(Records excerpted from a collection)

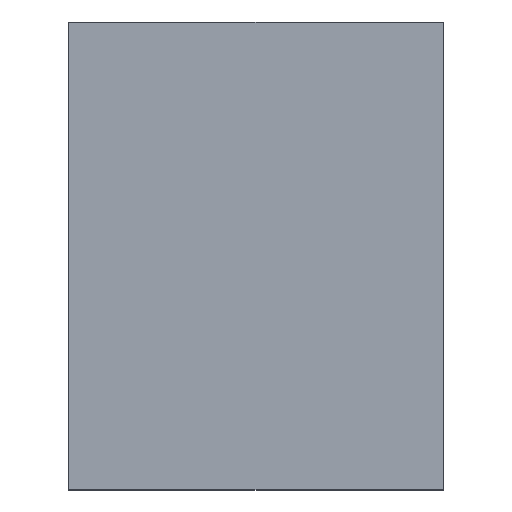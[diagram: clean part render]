
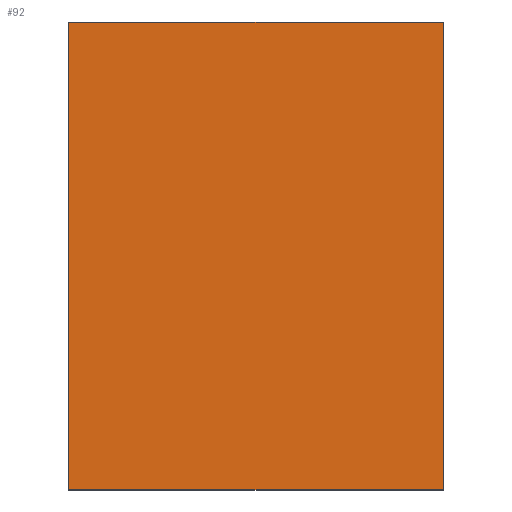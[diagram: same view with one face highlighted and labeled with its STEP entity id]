
A CAD part, top view. The second image highlights one B-rep face of the part: STEP entity #92.
In plain terms, the highlighted planar face has unit normal (0, 0, 1).
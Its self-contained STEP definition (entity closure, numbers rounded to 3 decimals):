
#8 = ORIENTED_EDGE ( 'NONE', *, *, #222, .T. ) ;
#10 = DIRECTION ( 'NONE',  ( -1., 0., 0. ) ) ;
#15 = VECTOR ( 'NONE', #109, 1000. ) ;
#18 = CARTESIAN_POINT ( 'NONE',  ( 50.8, 63.5, 0.01 ) ) ;
#21 = EDGE_CURVE ( 'NONE', #151, #153, #47, .T. ) ;
#37 = DIRECTION ( 'NONE',  ( 1., 0., 0. ) ) ;
#40 = DIRECTION ( 'NONE',  ( 1., 0., 0. ) ) ;
#46 = VERTEX_POINT ( 'NONE', #136 ) ;
#47 = LINE ( 'NONE', #195, #214 ) ;
#50 = PLANE ( 'NONE',  #126 ) ;
#52 = DIRECTION ( 'NONE',  ( 0., 0., 1. ) ) ;
#61 = EDGE_CURVE ( 'NONE', #46, #151, #103, .T. ) ;
#86 = CARTESIAN_POINT ( 'NONE',  ( 50.8, -63.5, 0.01 ) ) ;
#89 = LINE ( 'NONE', #122, #15 ) ;
#92 = ADVANCED_FACE ( 'NONE', ( #112 ), #50, .T. ) ;
#101 = EDGE_LOOP ( 'NONE', ( #120, #8, #173, #160 ) ) ;
#103 = LINE ( 'NONE', #86, #234 ) ;
#109 = DIRECTION ( 'NONE',  ( 0., -1., 0. ) ) ;
#112 = FACE_OUTER_BOUND ( 'NONE', #101, .T. ) ;
#120 = ORIENTED_EDGE ( 'NONE', *, *, #166, .T. ) ;
#122 = CARTESIAN_POINT ( 'NONE',  ( -50.8, 63.5, 0.01 ) ) ;
#126 = AXIS2_PLACEMENT_3D ( 'NONE', #142, #52, #37 ) ;
#136 = CARTESIAN_POINT ( 'NONE',  ( 50.8, -63.5, 0.01 ) ) ;
#141 = CARTESIAN_POINT ( 'NONE',  ( -50.8, -63.5, 0.01 ) ) ;
#142 = CARTESIAN_POINT ( 'NONE',  ( 0., 0., 0.01 ) ) ;
#149 = VECTOR ( 'NONE', #40, 1000. ) ;
#151 = VERTEX_POINT ( 'NONE', #18 ) ;
#153 = VERTEX_POINT ( 'NONE', #201 ) ;
#160 = ORIENTED_EDGE ( 'NONE', *, *, #21, .T. ) ;
#166 = EDGE_CURVE ( 'NONE', #153, #192, #89, .T. ) ;
#173 = ORIENTED_EDGE ( 'NONE', *, *, #61, .T. ) ;
#176 = DIRECTION ( 'NONE',  ( 0., 1., 0. ) ) ;
#192 = VERTEX_POINT ( 'NONE', #221 ) ;
#195 = CARTESIAN_POINT ( 'NONE',  ( 50.8, 63.5, 0.01 ) ) ;
#201 = CARTESIAN_POINT ( 'NONE',  ( -50.8, 63.5, 0.01 ) ) ;
#214 = VECTOR ( 'NONE', #10, 1000. ) ;
#221 = CARTESIAN_POINT ( 'NONE',  ( -50.8, -63.5, 0.01 ) ) ;
#222 = EDGE_CURVE ( 'NONE', #192, #46, #236, .T. ) ;
#234 = VECTOR ( 'NONE', #176, 1000. ) ;
#236 = LINE ( 'NONE', #141, #149 ) ;
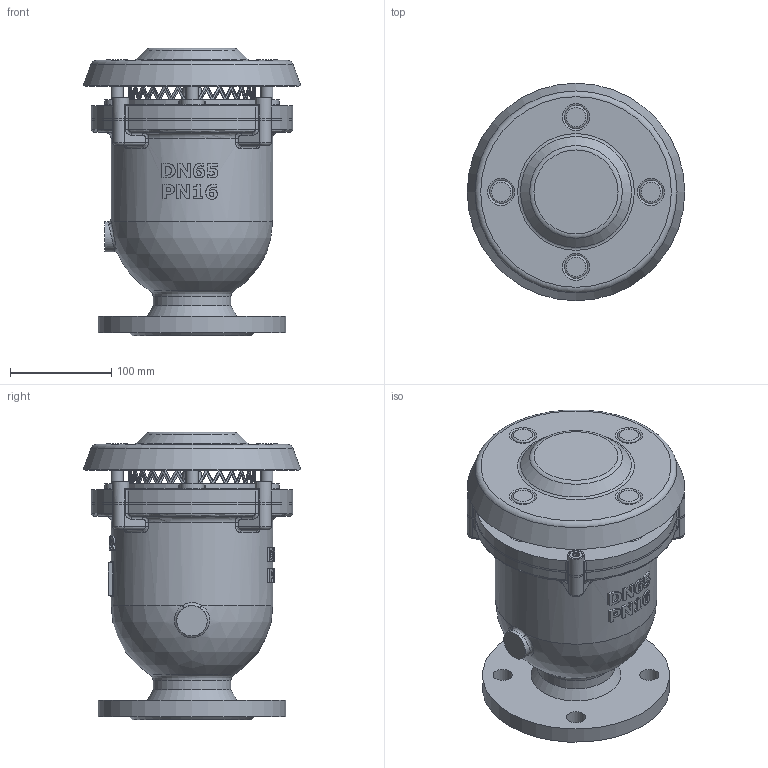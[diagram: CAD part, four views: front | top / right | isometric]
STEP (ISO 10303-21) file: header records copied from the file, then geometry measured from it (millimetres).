
FILE_DESCRIPTION(('STEP AP242'), '1');
FILE_NAME('Âîçäóøíûé êëàïàí DUOJET KX', '', ('UNSPECIFIED'), ('UNSPECIFIED'), 'C3D Converter', 'C3D Toolkit', '');
FILE_SCHEMA(('AP242_MANAGED_MODEL_BASED_3D_ENGINEERING_MIM_LF { 1 0 10303 442 1 1 4 }'));
Length unit declared in the file: millimetre
Assembly tree (29 placements, depth 2):
  (unnamed)
    (unnamed)
    (unnamed)
    (unnamed)
    (unnamed)
    (unnamed)
    (unnamed)
    (unnamed)  x4
    (unnamed)  x4
    (unnamed)
    (unnamed)
    (unnamed)
    (unnamed)
    (unnamed)  x3
    (unnamed)  x4
    (unnamed)  x4
Bounding box: 215 x 215 x 284 mm (x, y, z)
Volume: 2056621.3 mm3; surface area: 776612.4 mm2
Topology: 30 solids, 31 shells, 1379 faces, 3626 edges, 2371 vertices
Faces by surface type: bspline 433, plane 425, cylinder 261, extrusion 150, torus 56, cone 41, sphere 13
Full cylindrical faces by diameter (mm): 5.4 x4, 5.5 x4, 6 x15, 8 x20, 9 x2, 12 x4, 12.8 x4, 13 x4, 14 x4, 16 x4, 16.25 x2, 16.447 x1, 19 x4, 22.25 x1, 30 x1, 65 x2, 77 x1, 97 x2, 103 x1, 120 x1, 124 x4, 126 x1, 136 x2, 148 x1, 158 x2, 160 x3, 185 x1
Entity records: 119153 total; most frequent: CARTESIAN_POINT 88513, ORIENTED_EDGE 6462, DIRECTION 3719, EDGE_CURVE 3231, VERTEX_POINT 2185, B_SPLINE_CURVE_WITH_KNOTS 1921, EDGE_LOOP 1632, AXIS2_PLACEMENT_3D 1420

### [Work order]
Where a line of the records contains the word "unit", count it; state only the final tally.

### [Reply]
2